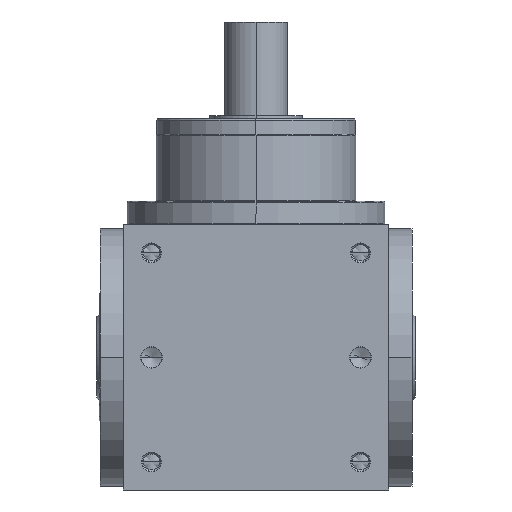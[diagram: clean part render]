
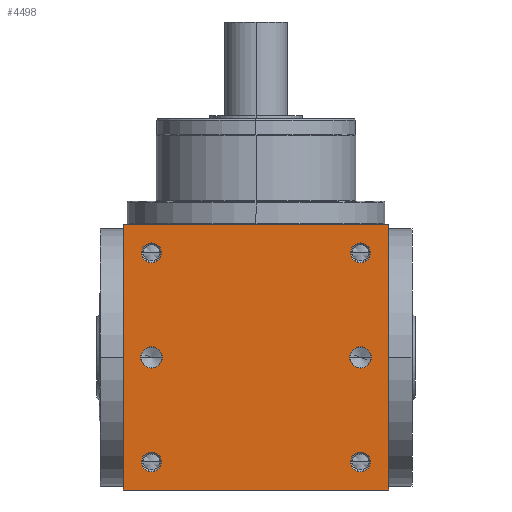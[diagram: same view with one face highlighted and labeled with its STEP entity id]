
A CAD part, front view. The second image highlights one B-rep face of the part: STEP entity #4498.
In plain terms, the highlighted planar face has unit normal (0, -1, 0).
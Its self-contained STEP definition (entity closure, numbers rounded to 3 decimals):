
#5=DIRECTION('',(1.,0.,0.));
#6=VECTOR('',#5,170.);
#7=CARTESIAN_POINT('',(-85.,-85.,-85.));
#8=LINE('',#7,#6);
#155=DIRECTION('',(0.,0.,1.));
#156=VECTOR('',#155,170.);
#157=CARTESIAN_POINT('',(85.,-85.,-85.));
#158=LINE('',#157,#156);
#209=DIRECTION('',(0.,0.,1.));
#210=VECTOR('',#209,170.);
#211=CARTESIAN_POINT('',(-85.,-85.,-85.));
#212=LINE('',#211,#210);
#213=CARTESIAN_POINT('',(67.,-85.,67.));
#214=DIRECTION('',(0.,1.,0.));
#215=DIRECTION('',(-1.,0.,0.));
#216=AXIS2_PLACEMENT_3D('',#213,#214,#215);
#218=CARTESIAN_POINT('',(67.,-85.,67.));
#219=DIRECTION('',(0.,1.,0.));
#220=DIRECTION('',(1.,0.,0.));
#221=AXIS2_PLACEMENT_3D('',#218,#219,#220);
#223=CARTESIAN_POINT('',(-67.,-85.,67.));
#224=DIRECTION('',(0.,1.,0.));
#225=DIRECTION('',(-1.,0.,0.));
#226=AXIS2_PLACEMENT_3D('',#223,#224,#225);
#228=CARTESIAN_POINT('',(-67.,-85.,67.));
#229=DIRECTION('',(0.,1.,0.));
#230=DIRECTION('',(1.,0.,0.));
#231=AXIS2_PLACEMENT_3D('',#228,#229,#230);
#233=CARTESIAN_POINT('',(67.,-85.,-67.));
#234=DIRECTION('',(0.,1.,0.));
#235=DIRECTION('',(-1.,0.,0.));
#236=AXIS2_PLACEMENT_3D('',#233,#234,#235);
#238=CARTESIAN_POINT('',(67.,-85.,-67.));
#239=DIRECTION('',(0.,1.,0.));
#240=DIRECTION('',(1.,0.,0.));
#241=AXIS2_PLACEMENT_3D('',#238,#239,#240);
#243=CARTESIAN_POINT('',(-67.,-85.,-67.));
#244=DIRECTION('',(0.,1.,0.));
#245=DIRECTION('',(-1.,0.,0.));
#246=AXIS2_PLACEMENT_3D('',#243,#244,#245);
#248=CARTESIAN_POINT('',(-67.,-85.,-67.));
#249=DIRECTION('',(0.,1.,0.));
#250=DIRECTION('',(1.,0.,0.));
#251=AXIS2_PLACEMENT_3D('',#248,#249,#250);
#253=CARTESIAN_POINT('',(-67.,-85.,0.));
#254=DIRECTION('',(0.,1.,0.));
#255=DIRECTION('',(1.,0.,0.));
#256=AXIS2_PLACEMENT_3D('',#253,#254,#255);
#258=CARTESIAN_POINT('',(-67.,-85.,0.));
#259=DIRECTION('',(0.,1.,0.));
#260=DIRECTION('',(-1.,0.,0.));
#261=AXIS2_PLACEMENT_3D('',#258,#259,#260);
#263=CARTESIAN_POINT('',(67.,-85.,0.));
#264=DIRECTION('',(0.,1.,0.));
#265=DIRECTION('',(1.,0.,0.));
#266=AXIS2_PLACEMENT_3D('',#263,#264,#265);
#268=CARTESIAN_POINT('',(67.,-85.,0.));
#269=DIRECTION('',(0.,1.,0.));
#270=DIRECTION('',(-1.,0.,0.));
#271=AXIS2_PLACEMENT_3D('',#268,#269,#270);
#285=DIRECTION('',(1.,0.,0.));
#286=VECTOR('',#285,170.);
#287=CARTESIAN_POINT('',(-85.,-85.,85.));
#288=LINE('',#287,#286);
#3624=CARTESIAN_POINT('',(-85.,-85.,-85.));
#3626=VERTEX_POINT('',#3624);
#3627=CARTESIAN_POINT('',(85.,-85.,-85.));
#3628=VERTEX_POINT('',#3627);
#3632=CARTESIAN_POINT('',(-85.,-85.,85.));
#3634=VERTEX_POINT('',#3632);
#3635=CARTESIAN_POINT('',(85.,-85.,85.));
#3636=VERTEX_POINT('',#3635);
#3791=CARTESIAN_POINT('',(60.65,-85.,67.));
#3792=CARTESIAN_POINT('',(73.35,-85.,67.));
#3793=VERTEX_POINT('',#3791);
#3794=VERTEX_POINT('',#3792);
#3799=CARTESIAN_POINT('',(-73.35,-85.,67.));
#3800=CARTESIAN_POINT('',(-60.65,-85.,67.));
#3801=VERTEX_POINT('',#3799);
#3802=VERTEX_POINT('',#3800);
#3807=CARTESIAN_POINT('',(60.65,-85.,-67.));
#3808=CARTESIAN_POINT('',(73.35,-85.,-67.));
#3809=VERTEX_POINT('',#3807);
#3810=VERTEX_POINT('',#3808);
#3815=CARTESIAN_POINT('',(-73.35,-85.,-67.));
#3816=CARTESIAN_POINT('',(-60.65,-85.,-67.));
#3817=VERTEX_POINT('',#3815);
#3818=VERTEX_POINT('',#3816);
#4139=CARTESIAN_POINT('',(-60.15,-85.,0.));
#4140=CARTESIAN_POINT('',(-73.85,-85.,
0.));
#4141=VERTEX_POINT('',#4139);
#4142=VERTEX_POINT('',#4140);
#4147=CARTESIAN_POINT('',(73.85,-85.,0.));
#4148=CARTESIAN_POINT('',(60.15,-85.,0.));
#4149=VERTEX_POINT('',#4147);
#4150=VERTEX_POINT('',#4148);
#4450=CARTESIAN_POINT('',(-85.,-85.,-85.));
#4451=DIRECTION('',(0.,-1.,0.));
#4452=DIRECTION('',(1.,0.,0.));
#4453=AXIS2_PLACEMENT_3D('',#4450,#4451,#4452);
#4454=PLANE('',#4453);
#4455=ORIENTED_EDGE('',*,*,#4290,.F.);
#4456=ORIENTED_EDGE('',*,*,#4333,.T.);
#4458=ORIENTED_EDGE('',*,*,#4457,.T.);
#4459=ORIENTED_EDGE('',*,*,#4412,.F.);
#4460=EDGE_LOOP('',(#4455,#4456,#4458,#4459));
#4461=FACE_OUTER_BOUND('',#4460,.F.);
#4463=ORIENTED_EDGE('',*,*,#4462,.F.);
#4465=ORIENTED_EDGE('',*,*,#4464,.F.);
#4466=EDGE_LOOP('',(#4463,#4465));
#4467=FACE_BOUND('',#4466,.F.);
#4469=ORIENTED_EDGE('',*,*,#4468,.F.);
#4471=ORIENTED_EDGE('',*,*,#4470,.F.);
#4472=EDGE_LOOP('',(#4469,#4471));
#4473=FACE_BOUND('',#4472,.F.);
#4475=ORIENTED_EDGE('',*,*,#4474,.F.);
#4477=ORIENTED_EDGE('',*,*,#4476,.F.);
#4478=EDGE_LOOP('',(#4475,#4477));
#4479=FACE_BOUND('',#4478,.F.);
#4481=ORIENTED_EDGE('',*,*,#4480,.F.);
#4483=ORIENTED_EDGE('',*,*,#4482,.F.);
#4484=EDGE_LOOP('',(#4481,#4483));
#4485=FACE_BOUND('',#4484,.F.);
#4487=ORIENTED_EDGE('',*,*,#4486,.F.);
#4489=ORIENTED_EDGE('',*,*,#4488,.F.);
#4490=EDGE_LOOP('',(#4487,#4489));
#4491=FACE_BOUND('',#4490,.F.);
#4493=ORIENTED_EDGE('',*,*,#4492,.F.);
#4495=ORIENTED_EDGE('',*,*,#4494,.F.);
#4496=EDGE_LOOP('',(#4493,#4495));
#4497=FACE_BOUND('',#4496,.F.);
#4498=ADVANCED_FACE('',(#4461,#4467,#4473,#4479,#4485,#4491,#4497),#4454,.T.);
#217=CIRCLE('',#216,6.35);
#222=CIRCLE('',#221,6.35);
#227=CIRCLE('',#226,6.35);
#232=CIRCLE('',#231,6.35);
#237=CIRCLE('',#236,6.35);
#242=CIRCLE('',#241,6.35);
#247=CIRCLE('',#246,6.35);
#252=CIRCLE('',#251,6.35);
#257=CIRCLE('',#256,6.85);
#262=CIRCLE('',#261,6.85);
#267=CIRCLE('',#266,6.85);
#272=CIRCLE('',#271,6.85);
#4290=EDGE_CURVE('',#3626,#3628,#8,.T.);
#4333=EDGE_CURVE('',#3626,#3634,#212,.T.);
#4412=EDGE_CURVE('',#3628,#3636,#158,.T.);
#4457=EDGE_CURVE('',#3634,#3636,#288,.T.);
#4462=EDGE_CURVE('',#3793,#3794,#217,.T.);
#4464=EDGE_CURVE('',#3794,#3793,#222,.T.);
#4468=EDGE_CURVE('',#3801,#3802,#227,.T.);
#4470=EDGE_CURVE('',#3802,#3801,#232,.T.);
#4474=EDGE_CURVE('',#3809,#3810,#237,.T.);
#4476=EDGE_CURVE('',#3810,#3809,#242,.T.);
#4480=EDGE_CURVE('',#3817,#3818,#247,.T.);
#4482=EDGE_CURVE('',#3818,#3817,#252,.T.);
#4486=EDGE_CURVE('',#4141,#4142,#257,.T.);
#4488=EDGE_CURVE('',#4142,#4141,#262,.T.);
#4492=EDGE_CURVE('',#4149,#4150,#267,.T.);
#4494=EDGE_CURVE('',#4150,#4149,#272,.T.);

---

[ACTIVITY]:
Look above for the line with "#253=CARTESIAN_POINT('',(-67.,-85.,0.));" and the line with "#3634=VERTEX_POINT('',#3632);", and reproduce exactly those two lines plus every line between, nothing more.

[RESPONSE TO THIS EXERCISE]:
#253=CARTESIAN_POINT('',(-67.,-85.,0.));
#254=DIRECTION('',(0.,1.,0.));
#255=DIRECTION('',(1.,0.,0.));
#256=AXIS2_PLACEMENT_3D('',#253,#254,#255);
#258=CARTESIAN_POINT('',(-67.,-85.,0.));
#259=DIRECTION('',(0.,1.,0.));
#260=DIRECTION('',(-1.,0.,0.));
#261=AXIS2_PLACEMENT_3D('',#258,#259,#260);
#263=CARTESIAN_POINT('',(67.,-85.,0.));
#264=DIRECTION('',(0.,1.,0.));
#265=DIRECTION('',(1.,0.,0.));
#266=AXIS2_PLACEMENT_3D('',#263,#264,#265);
#268=CARTESIAN_POINT('',(67.,-85.,0.));
#269=DIRECTION('',(0.,1.,0.));
#270=DIRECTION('',(-1.,0.,0.));
#271=AXIS2_PLACEMENT_3D('',#268,#269,#270);
#285=DIRECTION('',(1.,0.,0.));
#286=VECTOR('',#285,170.);
#287=CARTESIAN_POINT('',(-85.,-85.,85.));
#288=LINE('',#287,#286);
#3624=CARTESIAN_POINT('',(-85.,-85.,-85.));
#3626=VERTEX_POINT('',#3624);
#3627=CARTESIAN_POINT('',(85.,-85.,-85.));
#3628=VERTEX_POINT('',#3627);
#3632=CARTESIAN_POINT('',(-85.,-85.,85.));
#3634=VERTEX_POINT('',#3632);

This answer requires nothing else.